_Work order_
Scan the lines below; pull out those with "that".

━━━ Task data ━━━

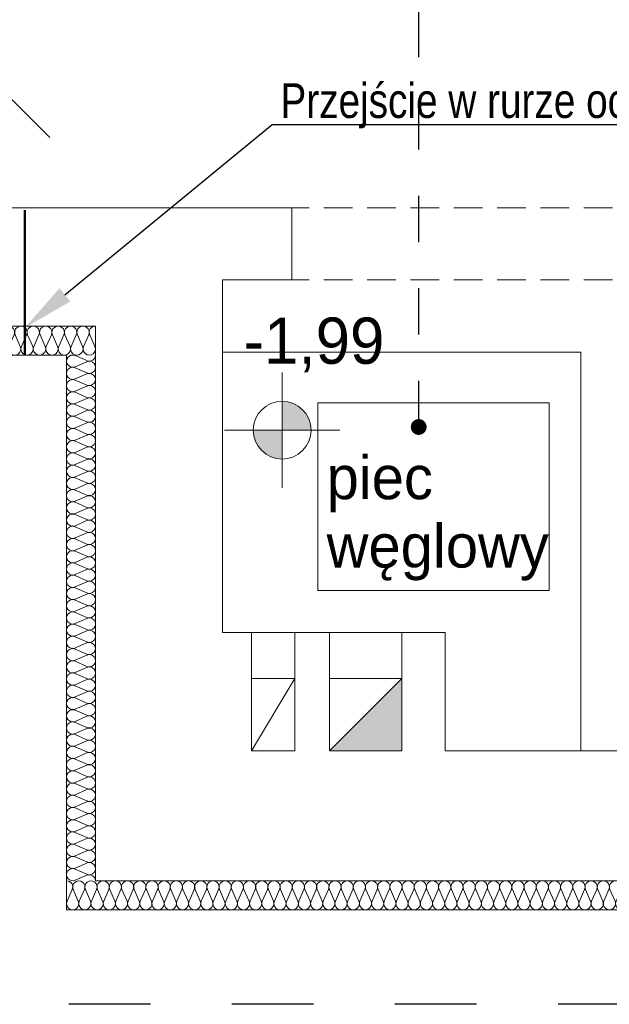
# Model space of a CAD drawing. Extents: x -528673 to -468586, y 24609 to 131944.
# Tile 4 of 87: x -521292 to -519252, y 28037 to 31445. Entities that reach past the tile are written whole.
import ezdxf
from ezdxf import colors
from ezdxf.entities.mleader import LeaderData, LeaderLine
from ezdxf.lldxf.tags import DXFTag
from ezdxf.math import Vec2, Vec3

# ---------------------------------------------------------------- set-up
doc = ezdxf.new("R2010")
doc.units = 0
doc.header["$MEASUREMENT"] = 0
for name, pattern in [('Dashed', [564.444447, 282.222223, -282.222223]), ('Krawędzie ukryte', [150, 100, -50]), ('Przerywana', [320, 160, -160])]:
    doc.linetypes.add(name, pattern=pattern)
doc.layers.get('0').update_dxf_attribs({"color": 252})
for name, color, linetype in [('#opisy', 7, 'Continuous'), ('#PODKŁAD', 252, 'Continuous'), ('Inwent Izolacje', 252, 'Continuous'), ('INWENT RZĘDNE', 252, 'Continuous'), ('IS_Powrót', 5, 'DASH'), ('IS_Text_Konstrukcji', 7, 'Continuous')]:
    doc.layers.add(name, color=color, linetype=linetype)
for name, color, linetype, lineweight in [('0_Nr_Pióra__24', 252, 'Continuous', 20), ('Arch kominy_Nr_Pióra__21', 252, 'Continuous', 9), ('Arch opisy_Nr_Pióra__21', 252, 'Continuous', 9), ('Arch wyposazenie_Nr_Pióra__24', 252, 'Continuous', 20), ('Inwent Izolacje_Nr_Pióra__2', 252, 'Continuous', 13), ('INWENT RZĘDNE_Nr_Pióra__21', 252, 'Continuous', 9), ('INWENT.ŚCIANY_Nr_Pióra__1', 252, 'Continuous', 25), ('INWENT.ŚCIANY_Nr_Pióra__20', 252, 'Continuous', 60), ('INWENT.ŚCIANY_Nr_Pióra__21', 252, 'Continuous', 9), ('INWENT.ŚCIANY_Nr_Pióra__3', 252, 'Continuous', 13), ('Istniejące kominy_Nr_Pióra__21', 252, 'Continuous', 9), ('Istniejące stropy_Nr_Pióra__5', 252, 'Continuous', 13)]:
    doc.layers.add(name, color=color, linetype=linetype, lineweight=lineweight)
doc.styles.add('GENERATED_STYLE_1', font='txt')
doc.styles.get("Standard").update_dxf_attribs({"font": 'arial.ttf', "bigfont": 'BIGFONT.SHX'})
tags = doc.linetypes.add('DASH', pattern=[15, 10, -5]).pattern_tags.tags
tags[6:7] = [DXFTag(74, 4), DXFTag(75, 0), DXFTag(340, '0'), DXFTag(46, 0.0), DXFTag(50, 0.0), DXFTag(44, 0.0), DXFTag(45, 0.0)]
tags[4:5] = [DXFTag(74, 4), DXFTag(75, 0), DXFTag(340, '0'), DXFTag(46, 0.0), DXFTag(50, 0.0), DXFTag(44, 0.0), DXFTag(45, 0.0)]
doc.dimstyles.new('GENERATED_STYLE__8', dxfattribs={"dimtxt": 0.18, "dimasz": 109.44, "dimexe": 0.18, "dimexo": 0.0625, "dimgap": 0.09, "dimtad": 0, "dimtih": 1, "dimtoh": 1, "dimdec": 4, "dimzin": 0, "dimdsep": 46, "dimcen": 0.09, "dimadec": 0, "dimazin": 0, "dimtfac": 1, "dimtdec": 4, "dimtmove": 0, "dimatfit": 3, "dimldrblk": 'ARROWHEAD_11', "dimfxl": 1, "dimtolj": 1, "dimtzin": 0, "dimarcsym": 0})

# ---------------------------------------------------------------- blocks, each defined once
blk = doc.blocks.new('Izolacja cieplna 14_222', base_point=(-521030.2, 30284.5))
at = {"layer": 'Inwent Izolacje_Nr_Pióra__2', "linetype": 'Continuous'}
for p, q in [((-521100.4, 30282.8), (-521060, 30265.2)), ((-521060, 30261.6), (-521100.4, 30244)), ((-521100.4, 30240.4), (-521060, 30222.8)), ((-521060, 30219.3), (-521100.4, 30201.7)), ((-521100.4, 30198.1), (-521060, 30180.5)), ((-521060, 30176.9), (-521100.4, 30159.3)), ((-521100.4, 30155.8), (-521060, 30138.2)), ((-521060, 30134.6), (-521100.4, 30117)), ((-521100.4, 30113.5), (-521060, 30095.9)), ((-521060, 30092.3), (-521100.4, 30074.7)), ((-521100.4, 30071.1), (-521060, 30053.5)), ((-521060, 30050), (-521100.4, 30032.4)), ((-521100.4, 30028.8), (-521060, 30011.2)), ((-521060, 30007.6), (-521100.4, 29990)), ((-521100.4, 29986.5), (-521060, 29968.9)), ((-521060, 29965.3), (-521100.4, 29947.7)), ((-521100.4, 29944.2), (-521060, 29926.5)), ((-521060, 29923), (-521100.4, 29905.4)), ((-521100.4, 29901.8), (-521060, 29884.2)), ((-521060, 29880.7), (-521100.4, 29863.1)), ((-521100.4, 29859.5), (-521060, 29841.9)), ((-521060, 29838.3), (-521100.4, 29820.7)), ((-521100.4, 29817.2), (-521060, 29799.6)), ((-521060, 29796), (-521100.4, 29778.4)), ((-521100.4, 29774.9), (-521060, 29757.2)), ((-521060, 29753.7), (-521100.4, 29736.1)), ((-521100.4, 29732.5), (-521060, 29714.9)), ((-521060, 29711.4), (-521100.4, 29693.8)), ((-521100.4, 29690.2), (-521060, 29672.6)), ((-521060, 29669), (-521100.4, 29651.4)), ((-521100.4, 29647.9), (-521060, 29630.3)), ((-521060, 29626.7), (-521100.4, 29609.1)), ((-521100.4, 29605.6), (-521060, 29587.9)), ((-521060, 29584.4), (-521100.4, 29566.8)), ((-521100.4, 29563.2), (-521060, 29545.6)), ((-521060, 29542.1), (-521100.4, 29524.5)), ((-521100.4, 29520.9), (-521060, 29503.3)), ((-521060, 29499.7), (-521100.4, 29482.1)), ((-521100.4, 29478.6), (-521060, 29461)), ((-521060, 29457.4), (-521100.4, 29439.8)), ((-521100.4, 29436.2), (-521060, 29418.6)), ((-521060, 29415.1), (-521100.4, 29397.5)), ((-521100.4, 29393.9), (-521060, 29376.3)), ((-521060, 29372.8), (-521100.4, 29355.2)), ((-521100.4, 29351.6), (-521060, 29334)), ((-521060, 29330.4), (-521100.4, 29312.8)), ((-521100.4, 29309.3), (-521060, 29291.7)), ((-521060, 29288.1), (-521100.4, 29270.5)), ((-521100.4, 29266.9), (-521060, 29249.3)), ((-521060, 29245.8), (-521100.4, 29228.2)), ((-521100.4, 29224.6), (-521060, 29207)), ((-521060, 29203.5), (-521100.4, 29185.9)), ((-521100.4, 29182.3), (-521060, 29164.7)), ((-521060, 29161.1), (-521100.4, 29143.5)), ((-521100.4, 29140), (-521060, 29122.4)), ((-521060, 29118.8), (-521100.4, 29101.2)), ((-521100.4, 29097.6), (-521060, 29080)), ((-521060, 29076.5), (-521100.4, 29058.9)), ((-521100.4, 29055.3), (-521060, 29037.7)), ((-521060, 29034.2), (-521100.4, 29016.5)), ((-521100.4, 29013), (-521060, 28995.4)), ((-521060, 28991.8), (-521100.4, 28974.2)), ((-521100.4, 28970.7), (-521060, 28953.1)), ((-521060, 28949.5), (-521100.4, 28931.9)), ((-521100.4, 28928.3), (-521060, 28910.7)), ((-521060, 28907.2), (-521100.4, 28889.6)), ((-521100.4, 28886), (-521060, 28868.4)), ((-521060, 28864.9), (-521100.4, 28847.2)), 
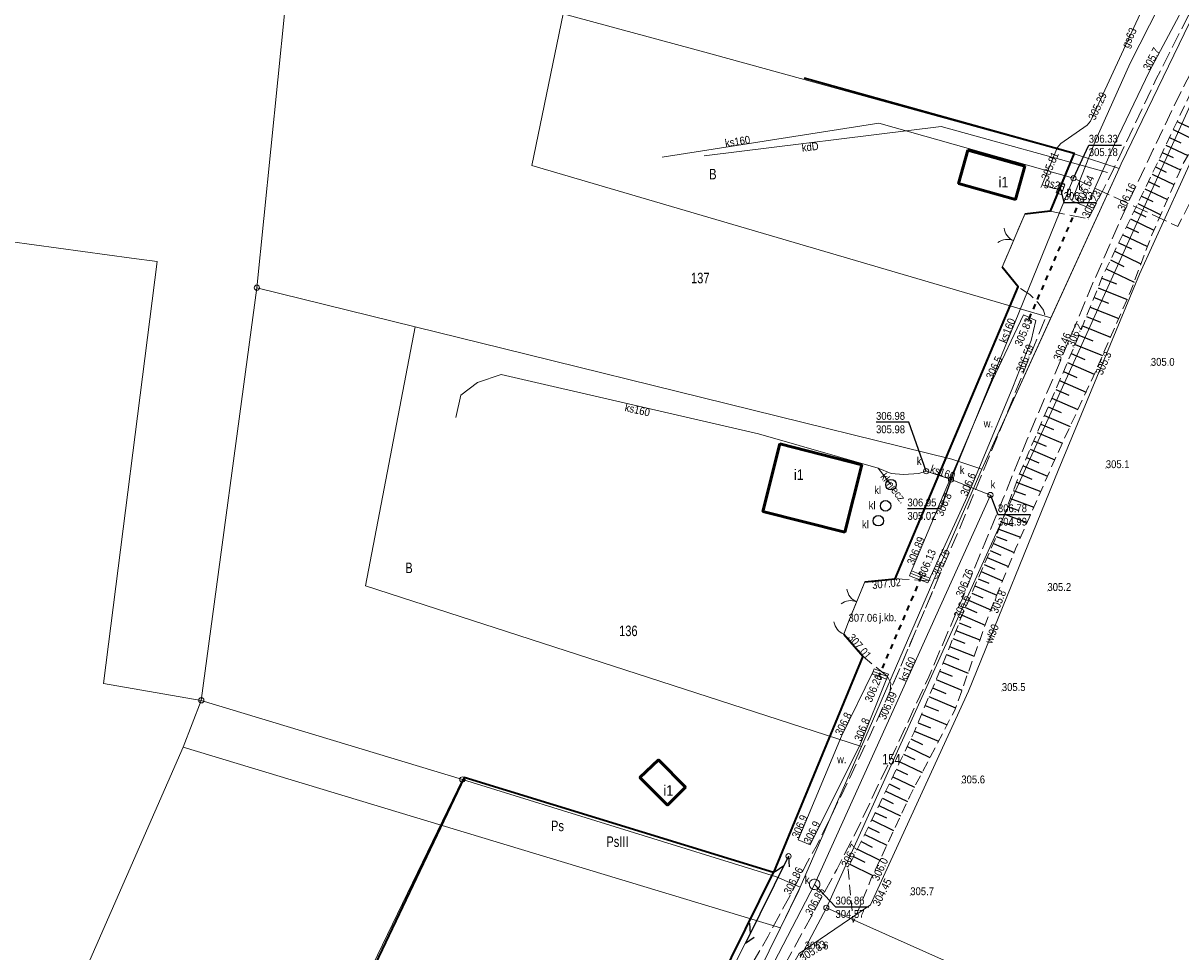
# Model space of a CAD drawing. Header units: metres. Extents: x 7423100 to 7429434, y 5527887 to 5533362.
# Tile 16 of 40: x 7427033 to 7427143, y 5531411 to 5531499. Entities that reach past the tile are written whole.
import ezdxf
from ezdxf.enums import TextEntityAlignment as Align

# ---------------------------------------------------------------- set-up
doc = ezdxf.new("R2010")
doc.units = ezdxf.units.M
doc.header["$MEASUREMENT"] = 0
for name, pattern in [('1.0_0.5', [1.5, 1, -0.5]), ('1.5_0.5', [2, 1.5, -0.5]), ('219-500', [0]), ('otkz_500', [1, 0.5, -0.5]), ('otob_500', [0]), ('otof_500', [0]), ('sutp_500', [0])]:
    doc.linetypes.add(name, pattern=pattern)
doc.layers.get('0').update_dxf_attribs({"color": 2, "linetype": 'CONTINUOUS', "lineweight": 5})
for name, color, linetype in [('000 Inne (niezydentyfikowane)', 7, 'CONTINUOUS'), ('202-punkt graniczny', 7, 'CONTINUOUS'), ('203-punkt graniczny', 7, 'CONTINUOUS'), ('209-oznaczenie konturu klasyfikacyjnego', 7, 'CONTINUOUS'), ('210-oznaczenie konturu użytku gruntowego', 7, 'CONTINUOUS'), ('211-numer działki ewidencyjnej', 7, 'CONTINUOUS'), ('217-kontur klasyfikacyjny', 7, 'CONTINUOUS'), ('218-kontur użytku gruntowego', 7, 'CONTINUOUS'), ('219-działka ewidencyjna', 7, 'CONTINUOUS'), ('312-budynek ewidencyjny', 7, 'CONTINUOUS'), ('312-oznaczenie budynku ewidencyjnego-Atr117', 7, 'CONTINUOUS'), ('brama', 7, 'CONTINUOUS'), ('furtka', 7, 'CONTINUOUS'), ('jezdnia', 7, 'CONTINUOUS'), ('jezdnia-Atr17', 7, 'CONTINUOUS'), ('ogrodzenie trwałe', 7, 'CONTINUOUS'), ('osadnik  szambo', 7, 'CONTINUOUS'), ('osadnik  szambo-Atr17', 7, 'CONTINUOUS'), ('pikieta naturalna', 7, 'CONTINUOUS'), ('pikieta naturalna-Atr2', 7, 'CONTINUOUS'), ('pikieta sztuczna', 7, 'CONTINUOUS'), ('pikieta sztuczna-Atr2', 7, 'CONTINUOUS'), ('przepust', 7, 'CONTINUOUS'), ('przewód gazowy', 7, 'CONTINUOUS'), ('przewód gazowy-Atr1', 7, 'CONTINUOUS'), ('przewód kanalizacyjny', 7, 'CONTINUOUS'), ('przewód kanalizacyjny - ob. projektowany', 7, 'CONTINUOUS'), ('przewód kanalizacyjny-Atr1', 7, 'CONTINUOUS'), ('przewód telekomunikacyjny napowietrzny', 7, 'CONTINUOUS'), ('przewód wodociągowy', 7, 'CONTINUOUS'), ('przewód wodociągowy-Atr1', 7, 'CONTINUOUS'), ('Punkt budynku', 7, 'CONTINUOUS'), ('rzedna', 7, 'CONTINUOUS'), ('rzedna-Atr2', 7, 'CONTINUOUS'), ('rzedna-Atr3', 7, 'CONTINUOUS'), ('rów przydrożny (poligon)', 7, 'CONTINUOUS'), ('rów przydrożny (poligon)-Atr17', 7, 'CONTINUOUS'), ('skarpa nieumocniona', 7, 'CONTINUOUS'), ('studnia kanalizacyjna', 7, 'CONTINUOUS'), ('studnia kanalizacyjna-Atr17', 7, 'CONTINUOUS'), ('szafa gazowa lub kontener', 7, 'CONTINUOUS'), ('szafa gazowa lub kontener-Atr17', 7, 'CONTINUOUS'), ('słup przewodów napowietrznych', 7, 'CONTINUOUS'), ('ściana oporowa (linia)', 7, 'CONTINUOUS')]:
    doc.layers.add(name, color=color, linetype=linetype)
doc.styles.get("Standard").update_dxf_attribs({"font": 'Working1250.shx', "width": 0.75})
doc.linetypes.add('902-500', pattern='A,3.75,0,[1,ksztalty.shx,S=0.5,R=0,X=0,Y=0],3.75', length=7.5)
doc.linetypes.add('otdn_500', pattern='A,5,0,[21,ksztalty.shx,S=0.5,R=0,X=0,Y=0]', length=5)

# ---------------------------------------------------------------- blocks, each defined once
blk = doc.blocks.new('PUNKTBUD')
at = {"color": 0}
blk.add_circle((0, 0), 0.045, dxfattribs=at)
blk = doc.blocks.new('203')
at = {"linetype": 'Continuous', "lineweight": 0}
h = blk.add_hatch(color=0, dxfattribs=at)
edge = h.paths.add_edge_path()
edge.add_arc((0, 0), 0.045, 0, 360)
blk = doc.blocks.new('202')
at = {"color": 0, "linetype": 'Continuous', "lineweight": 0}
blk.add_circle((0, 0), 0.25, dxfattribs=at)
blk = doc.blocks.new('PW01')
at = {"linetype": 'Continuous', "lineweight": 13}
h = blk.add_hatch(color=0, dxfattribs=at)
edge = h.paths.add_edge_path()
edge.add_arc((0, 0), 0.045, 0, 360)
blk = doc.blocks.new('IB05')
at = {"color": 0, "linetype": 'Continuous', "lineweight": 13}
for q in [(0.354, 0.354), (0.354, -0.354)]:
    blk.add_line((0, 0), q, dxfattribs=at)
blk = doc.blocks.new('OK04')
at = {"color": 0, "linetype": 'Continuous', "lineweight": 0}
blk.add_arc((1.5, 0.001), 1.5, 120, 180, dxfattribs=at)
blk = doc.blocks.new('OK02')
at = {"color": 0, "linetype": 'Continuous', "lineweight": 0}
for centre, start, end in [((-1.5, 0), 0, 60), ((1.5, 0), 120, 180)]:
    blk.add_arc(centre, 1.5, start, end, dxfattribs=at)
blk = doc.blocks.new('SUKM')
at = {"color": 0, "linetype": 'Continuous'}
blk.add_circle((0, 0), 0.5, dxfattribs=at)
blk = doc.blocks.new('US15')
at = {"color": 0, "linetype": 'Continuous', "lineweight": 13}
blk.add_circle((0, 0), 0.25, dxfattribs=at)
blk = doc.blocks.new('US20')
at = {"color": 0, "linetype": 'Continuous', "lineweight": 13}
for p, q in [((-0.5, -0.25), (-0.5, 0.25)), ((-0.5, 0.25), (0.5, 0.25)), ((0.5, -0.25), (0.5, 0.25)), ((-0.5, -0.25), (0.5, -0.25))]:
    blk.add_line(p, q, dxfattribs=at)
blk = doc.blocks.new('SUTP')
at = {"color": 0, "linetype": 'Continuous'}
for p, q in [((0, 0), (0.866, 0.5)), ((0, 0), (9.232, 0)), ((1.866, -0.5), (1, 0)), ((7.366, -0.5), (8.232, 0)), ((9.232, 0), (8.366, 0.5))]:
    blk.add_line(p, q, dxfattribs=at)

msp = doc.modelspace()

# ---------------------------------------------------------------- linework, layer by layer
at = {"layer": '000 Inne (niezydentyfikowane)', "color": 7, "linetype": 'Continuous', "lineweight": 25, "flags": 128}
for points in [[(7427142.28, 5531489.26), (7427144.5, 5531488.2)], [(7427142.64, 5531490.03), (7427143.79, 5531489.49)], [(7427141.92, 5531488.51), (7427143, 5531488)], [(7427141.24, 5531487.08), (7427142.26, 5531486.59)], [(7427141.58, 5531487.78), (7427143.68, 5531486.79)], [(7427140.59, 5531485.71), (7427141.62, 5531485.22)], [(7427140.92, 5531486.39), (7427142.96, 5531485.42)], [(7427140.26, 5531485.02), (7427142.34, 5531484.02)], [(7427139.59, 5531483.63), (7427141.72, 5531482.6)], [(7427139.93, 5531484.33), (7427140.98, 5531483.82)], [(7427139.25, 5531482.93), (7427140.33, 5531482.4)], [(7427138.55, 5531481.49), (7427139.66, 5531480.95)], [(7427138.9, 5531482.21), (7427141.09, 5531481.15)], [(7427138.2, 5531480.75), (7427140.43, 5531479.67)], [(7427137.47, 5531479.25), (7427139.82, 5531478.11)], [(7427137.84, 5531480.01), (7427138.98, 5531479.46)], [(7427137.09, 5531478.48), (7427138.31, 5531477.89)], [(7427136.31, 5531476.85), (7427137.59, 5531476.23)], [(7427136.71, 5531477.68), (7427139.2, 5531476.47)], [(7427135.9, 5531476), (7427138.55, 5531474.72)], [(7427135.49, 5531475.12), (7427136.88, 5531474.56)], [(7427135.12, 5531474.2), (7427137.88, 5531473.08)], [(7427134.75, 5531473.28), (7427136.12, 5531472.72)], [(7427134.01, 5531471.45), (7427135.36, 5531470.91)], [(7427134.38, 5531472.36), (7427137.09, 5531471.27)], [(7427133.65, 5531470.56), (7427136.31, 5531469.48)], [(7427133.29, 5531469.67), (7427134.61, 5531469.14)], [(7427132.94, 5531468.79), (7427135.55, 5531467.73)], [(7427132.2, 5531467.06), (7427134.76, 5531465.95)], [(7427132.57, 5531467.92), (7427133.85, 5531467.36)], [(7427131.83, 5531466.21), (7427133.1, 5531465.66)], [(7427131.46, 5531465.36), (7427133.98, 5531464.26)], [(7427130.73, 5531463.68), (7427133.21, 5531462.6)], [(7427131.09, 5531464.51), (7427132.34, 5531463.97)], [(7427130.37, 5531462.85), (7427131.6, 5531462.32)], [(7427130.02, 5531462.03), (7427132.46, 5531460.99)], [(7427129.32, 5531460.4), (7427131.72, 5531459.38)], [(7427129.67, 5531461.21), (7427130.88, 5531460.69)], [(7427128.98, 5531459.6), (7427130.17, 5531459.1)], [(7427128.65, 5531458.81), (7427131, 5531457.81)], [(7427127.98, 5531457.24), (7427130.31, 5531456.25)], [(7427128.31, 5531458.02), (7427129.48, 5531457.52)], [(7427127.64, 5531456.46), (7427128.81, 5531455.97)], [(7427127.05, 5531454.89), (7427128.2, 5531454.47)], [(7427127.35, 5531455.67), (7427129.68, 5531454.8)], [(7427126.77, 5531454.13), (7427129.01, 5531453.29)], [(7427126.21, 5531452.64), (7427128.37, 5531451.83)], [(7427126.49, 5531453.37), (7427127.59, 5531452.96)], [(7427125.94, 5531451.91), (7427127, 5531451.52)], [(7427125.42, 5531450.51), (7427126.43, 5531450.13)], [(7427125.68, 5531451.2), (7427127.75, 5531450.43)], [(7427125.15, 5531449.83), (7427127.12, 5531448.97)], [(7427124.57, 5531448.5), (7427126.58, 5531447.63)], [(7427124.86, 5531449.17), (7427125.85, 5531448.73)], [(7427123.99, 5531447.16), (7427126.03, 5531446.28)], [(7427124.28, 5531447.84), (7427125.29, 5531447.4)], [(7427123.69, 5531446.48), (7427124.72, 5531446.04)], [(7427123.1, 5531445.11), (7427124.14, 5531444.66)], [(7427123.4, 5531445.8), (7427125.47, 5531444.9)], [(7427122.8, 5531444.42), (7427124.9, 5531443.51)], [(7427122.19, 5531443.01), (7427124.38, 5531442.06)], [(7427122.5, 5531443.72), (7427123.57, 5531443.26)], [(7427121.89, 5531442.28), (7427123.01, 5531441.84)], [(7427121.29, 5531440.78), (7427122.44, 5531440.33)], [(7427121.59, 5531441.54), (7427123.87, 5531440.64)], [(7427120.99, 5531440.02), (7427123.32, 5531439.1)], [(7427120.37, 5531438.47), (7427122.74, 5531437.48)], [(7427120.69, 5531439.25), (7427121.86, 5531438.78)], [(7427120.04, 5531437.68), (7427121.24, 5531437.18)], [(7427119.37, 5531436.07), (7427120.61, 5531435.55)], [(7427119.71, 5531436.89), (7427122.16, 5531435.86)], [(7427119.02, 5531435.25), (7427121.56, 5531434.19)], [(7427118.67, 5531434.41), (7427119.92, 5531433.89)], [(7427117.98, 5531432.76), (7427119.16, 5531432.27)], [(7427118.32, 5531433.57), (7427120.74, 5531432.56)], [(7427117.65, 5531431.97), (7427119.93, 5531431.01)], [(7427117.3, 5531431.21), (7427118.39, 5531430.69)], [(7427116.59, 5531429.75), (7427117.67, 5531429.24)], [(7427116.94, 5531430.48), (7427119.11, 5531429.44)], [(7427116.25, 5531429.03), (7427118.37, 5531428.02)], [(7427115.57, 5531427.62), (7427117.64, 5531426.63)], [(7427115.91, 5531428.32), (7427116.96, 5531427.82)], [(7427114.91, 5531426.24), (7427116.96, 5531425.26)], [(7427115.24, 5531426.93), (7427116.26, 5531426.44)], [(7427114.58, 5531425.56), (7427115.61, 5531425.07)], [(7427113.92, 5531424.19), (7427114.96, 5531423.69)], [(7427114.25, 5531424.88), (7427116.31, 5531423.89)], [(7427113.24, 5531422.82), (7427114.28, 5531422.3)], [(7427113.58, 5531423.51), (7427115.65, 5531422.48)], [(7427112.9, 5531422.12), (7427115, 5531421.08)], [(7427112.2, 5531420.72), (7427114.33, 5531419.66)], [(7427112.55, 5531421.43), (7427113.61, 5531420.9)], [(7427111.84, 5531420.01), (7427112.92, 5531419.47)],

━━━

_Task result_
# Tile 4 of 87: x -521292 to -519252, y 28037 to 31445. Entities that reach past the tile are written whole.
# Tile 16 of 40: x 7427033 to 7427143, y 5531411 to 5531499. Entities that reach past the tile are written whole.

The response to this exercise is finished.